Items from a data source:
════════════════
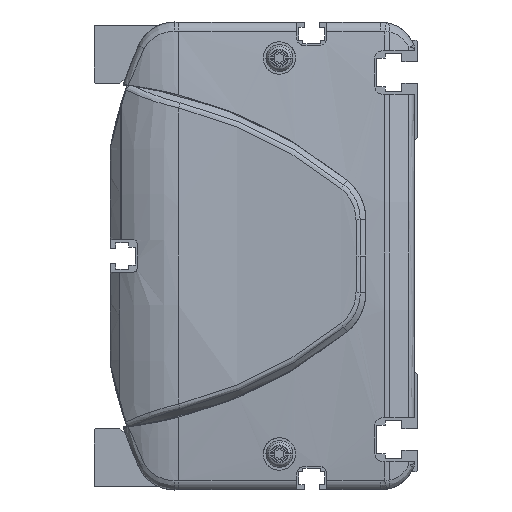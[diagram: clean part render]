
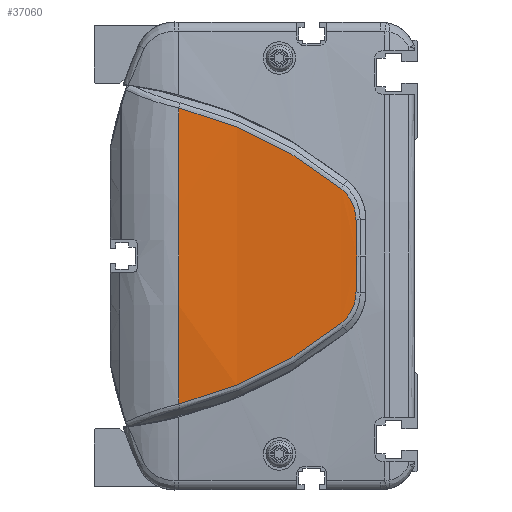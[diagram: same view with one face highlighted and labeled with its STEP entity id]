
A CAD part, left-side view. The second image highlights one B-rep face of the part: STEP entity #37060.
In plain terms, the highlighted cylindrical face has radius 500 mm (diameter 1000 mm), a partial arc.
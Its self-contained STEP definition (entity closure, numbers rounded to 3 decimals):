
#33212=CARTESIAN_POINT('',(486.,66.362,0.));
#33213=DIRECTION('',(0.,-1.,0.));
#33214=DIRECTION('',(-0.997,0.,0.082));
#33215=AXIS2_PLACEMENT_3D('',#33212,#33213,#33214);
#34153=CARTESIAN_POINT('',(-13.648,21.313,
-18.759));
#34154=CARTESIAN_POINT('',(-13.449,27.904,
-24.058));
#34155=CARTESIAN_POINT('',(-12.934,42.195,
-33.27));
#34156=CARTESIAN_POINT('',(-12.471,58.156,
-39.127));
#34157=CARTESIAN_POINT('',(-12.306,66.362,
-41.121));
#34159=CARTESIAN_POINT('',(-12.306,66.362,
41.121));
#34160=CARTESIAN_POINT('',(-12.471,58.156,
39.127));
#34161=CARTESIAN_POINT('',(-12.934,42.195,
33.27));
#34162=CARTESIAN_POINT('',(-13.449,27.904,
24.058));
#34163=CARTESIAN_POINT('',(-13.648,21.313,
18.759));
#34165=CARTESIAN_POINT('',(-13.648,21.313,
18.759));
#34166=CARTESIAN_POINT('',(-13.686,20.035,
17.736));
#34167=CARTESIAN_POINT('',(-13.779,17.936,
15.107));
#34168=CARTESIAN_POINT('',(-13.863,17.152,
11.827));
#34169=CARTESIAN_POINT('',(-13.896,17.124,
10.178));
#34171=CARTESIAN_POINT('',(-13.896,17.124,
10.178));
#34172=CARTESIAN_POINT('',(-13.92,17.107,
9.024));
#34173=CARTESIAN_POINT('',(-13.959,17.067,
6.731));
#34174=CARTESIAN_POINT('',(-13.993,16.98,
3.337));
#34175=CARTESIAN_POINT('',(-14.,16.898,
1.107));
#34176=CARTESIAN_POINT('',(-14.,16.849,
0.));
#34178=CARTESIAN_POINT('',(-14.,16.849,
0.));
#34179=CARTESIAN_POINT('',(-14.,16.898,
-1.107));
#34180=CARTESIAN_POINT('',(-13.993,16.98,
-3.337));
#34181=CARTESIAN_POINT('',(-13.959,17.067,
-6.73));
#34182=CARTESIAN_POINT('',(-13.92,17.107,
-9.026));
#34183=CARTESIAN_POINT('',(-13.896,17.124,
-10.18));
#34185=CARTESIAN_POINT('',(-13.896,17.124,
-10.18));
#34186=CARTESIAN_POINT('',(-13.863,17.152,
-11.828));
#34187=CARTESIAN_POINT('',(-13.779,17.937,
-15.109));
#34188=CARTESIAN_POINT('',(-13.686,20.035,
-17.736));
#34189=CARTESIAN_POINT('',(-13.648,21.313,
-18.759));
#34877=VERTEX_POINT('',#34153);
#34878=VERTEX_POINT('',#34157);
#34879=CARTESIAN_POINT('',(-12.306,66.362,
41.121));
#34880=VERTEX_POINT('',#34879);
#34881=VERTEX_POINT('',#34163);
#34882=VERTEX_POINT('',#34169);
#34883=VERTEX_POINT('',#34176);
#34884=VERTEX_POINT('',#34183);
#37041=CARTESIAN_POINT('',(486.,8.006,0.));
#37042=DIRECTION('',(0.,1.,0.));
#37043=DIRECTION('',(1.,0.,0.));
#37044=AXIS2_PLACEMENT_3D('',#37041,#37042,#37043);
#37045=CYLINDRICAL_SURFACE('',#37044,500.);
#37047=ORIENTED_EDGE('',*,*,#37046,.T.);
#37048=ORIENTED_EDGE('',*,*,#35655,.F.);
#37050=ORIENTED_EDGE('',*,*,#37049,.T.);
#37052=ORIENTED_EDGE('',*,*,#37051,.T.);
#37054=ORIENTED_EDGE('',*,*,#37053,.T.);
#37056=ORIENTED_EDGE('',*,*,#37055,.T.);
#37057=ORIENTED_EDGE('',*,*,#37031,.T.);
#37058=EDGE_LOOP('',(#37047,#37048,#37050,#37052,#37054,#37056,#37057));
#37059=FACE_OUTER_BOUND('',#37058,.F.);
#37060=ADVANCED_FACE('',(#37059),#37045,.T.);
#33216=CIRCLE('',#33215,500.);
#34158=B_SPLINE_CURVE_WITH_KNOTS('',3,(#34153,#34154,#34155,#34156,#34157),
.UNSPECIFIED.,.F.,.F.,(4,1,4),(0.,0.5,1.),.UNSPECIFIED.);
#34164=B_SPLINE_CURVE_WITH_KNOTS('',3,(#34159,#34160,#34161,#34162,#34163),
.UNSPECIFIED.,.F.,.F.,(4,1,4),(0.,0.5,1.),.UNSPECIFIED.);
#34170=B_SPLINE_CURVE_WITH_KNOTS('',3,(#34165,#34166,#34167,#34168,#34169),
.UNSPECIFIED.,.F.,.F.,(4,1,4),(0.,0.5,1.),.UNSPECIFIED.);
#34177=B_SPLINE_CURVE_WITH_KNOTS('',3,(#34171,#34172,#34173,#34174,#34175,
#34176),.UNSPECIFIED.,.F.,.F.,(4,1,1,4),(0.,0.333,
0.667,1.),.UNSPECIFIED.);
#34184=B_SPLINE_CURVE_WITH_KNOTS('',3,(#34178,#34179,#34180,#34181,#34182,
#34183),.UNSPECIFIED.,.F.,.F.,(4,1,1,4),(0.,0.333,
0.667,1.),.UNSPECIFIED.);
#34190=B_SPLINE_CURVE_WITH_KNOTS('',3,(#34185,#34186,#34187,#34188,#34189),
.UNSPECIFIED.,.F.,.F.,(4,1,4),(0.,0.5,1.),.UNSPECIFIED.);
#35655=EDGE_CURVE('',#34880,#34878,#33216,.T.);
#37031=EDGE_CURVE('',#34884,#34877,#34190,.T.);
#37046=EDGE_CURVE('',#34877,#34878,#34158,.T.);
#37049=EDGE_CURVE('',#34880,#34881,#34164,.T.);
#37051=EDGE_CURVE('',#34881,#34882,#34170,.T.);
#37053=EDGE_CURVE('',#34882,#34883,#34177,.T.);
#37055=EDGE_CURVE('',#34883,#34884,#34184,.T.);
════════════════
→ What needs to be done: Exactly as written, reproduce all of the entries while dropping the pictures.

→ Reply:
[diagram: clean part render]
[diagram: same view with one face highlighted and labeled with its STEP entity id]
A CAD part, left-side view. The second image highlights one B-rep face of the part: STEP entity #37060.
In plain terms, the highlighted cylindrical face has radius 500 mm (diameter 1000 mm), a partial arc.
Its self-contained STEP definition (entity closure, numbers rounded to 3 decimals):
#33212=CARTESIAN_POINT('',(486.,66.362,0.));
#33213=DIRECTION('',(0.,-1.,0.));
#33214=DIRECTION('',(-0.997,0.,0.082));
#33215=AXIS2_PLACEMENT_3D('',#33212,#33213,#33214);
#34153=CARTESIAN_POINT('',(-13.648,21.313,
-18.759));
#34154=CARTESIAN_POINT('',(-13.449,27.904,
-24.058));
#34155=CARTESIAN_POINT('',(-12.934,42.195,
-33.27));
#34156=CARTESIAN_POINT('',(-12.471,58.156,
-39.127));
#34157=CARTESIAN_POINT('',(-12.306,66.362,
-41.121));
#34159=CARTESIAN_POINT('',(-12.306,66.362,
41.121));
#34160=CARTESIAN_POINT('',(-12.471,58.156,
39.127));
#34161=CARTESIAN_POINT('',(-12.934,42.195,
33.27));
#34162=CARTESIAN_POINT('',(-13.449,27.904,
24.058));
#34163=CARTESIAN_POINT('',(-13.648,21.313,
18.759));
#34165=CARTESIAN_POINT('',(-13.648,21.313,
18.759));
#34166=CARTESIAN_POINT('',(-13.686,20.035,
17.736));
#34167=CARTESIAN_POINT('',(-13.779,17.936,
15.107));
#34168=CARTESIAN_POINT('',(-13.863,17.152,
11.827));
#34169=CARTESIAN_POINT('',(-13.896,17.124,
10.178));
#34171=CARTESIAN_POINT('',(-13.896,17.124,
10.178));
#34172=CARTESIAN_POINT('',(-13.92,17.107,
9.024));
#34173=CARTESIAN_POINT('',(-13.959,17.067,
6.731));
#34174=CARTESIAN_POINT('',(-13.993,16.98,
3.337));
#34175=CARTESIAN_POINT('',(-14.,16.898,
1.107));
#34176=CARTESIAN_POINT('',(-14.,16.849,
0.));
#34178=CARTESIAN_POINT('',(-14.,16.849,
0.));
#34179=CARTESIAN_POINT('',(-14.,16.898,
-1.107));
#34180=CARTESIAN_POINT('',(-13.993,16.98,
-3.337));
#34181=CARTESIAN_POINT('',(-13.959,17.067,
-6.73));
#34182=CARTESIAN_POINT('',(-13.92,17.107,
-9.026));
#34183=CARTESIAN_POINT('',(-13.896,17.124,
-10.18));
#34185=CARTESIAN_POINT('',(-13.896,17.124,
-10.18));
#34186=CARTESIAN_POINT('',(-13.863,17.152,
-11.828));
#34187=CARTESIAN_POINT('',(-13.779,17.937,
-15.109));
#34188=CARTESIAN_POINT('',(-13.686,20.035,
-17.736));
#34189=CARTESIAN_POINT('',(-13.648,21.313,
-18.759));
#34877=VERTEX_POINT('',#34153);
#34878=VERTEX_POINT('',#34157);
#34879=CARTESIAN_POINT('',(-12.306,66.362,
41.121));
#34880=VERTEX_POINT('',#34879);
#34881=VERTEX_POINT('',#34163);
#34882=VERTEX_POINT('',#34169);
#34883=VERTEX_POINT('',#34176);
#34884=VERTEX_POINT('',#34183);
#37041=CARTESIAN_POINT('',(486.,8.006,0.));
#37042=DIRECTION('',(0.,1.,0.));
#37043=DIRECTION('',(1.,0.,0.));
#37044=AXIS2_PLACEMENT_3D('',#37041,#37042,#37043);
#37045=CYLINDRICAL_SURFACE('',#37044,500.);
#37047=ORIENTED_EDGE('',*,*,#37046,.T.);
#37048=ORIENTED_EDGE('',*,*,#35655,.F.);
#37050=ORIENTED_EDGE('',*,*,#37049,.T.);
#37052=ORIENTED_EDGE('',*,*,#37051,.T.);
#37054=ORIENTED_EDGE('',*,*,#37053,.T.);
#37056=ORIENTED_EDGE('',*,*,#37055,.T.);
#37057=ORIENTED_EDGE('',*,*,#37031,.T.);
#37058=EDGE_LOOP('',(#37047,#37048,#37050,#37052,#37054,#37056,#37057));
#37059=FACE_OUTER_BOUND('',#37058,.F.);
#37060=ADVANCED_FACE('',(#37059),#37045,.T.);
#33216=CIRCLE('',#33215,500.);
#34158=B_SPLINE_CURVE_WITH_KNOTS('',3,(#34153,#34154,#34155,#34156,#34157),
.UNSPECIFIED.,.F.,.F.,(4,1,4),(0.,0.5,1.),.UNSPECIFIED.);
#34164=B_SPLINE_CURVE_WITH_KNOTS('',3,(#34159,#34160,#34161,#34162,#34163),
.UNSPECIFIED.,.F.,.F.,(4,1,4),(0.,0.5,1.),.UNSPECIFIED.);
#34170=B_SPLINE_CURVE_WITH_KNOTS('',3,(#34165,#34166,#34167,#34168,#34169),
.UNSPECIFIED.,.F.,.F.,(4,1,4),(0.,0.5,1.),.UNSPECIFIED.);
#34177=B_SPLINE_CURVE_WITH_KNOTS('',3,(#34171,#34172,#34173,#34174,#34175,
#34176),.UNSPECIFIED.,.F.,.F.,(4,1,1,4),(0.,0.333,
0.667,1.),.UNSPECIFIED.);
#34184=B_SPLINE_CURVE_WITH_KNOTS('',3,(#34178,#34179,#34180,#34181,#34182,
#34183),.UNSPECIFIED.,.F.,.F.,(4,1,1,4),(0.,0.333,
0.667,1.),.UNSPECIFIED.);
#34190=B_SPLINE_CURVE_WITH_KNOTS('',3,(#34185,#34186,#34187,#34188,#34189),
.UNSPECIFIED.,.F.,.F.,(4,1,4),(0.,0.5,1.),.UNSPECIFIED.);
#35655=EDGE_CURVE('',#34880,#34878,#33216,.T.);
#37031=EDGE_CURVE('',#34884,#34877,#34190,.T.);
#37046=EDGE_CURVE('',#34877,#34878,#34158,.T.);
#37049=EDGE_CURVE('',#34880,#34881,#34164,.T.);
#37051=EDGE_CURVE('',#34881,#34882,#34170,.T.);
#37053=EDGE_CURVE('',#34882,#34883,#34177,.T.);
#37055=EDGE_CURVE('',#34883,#34884,#34184,.T.);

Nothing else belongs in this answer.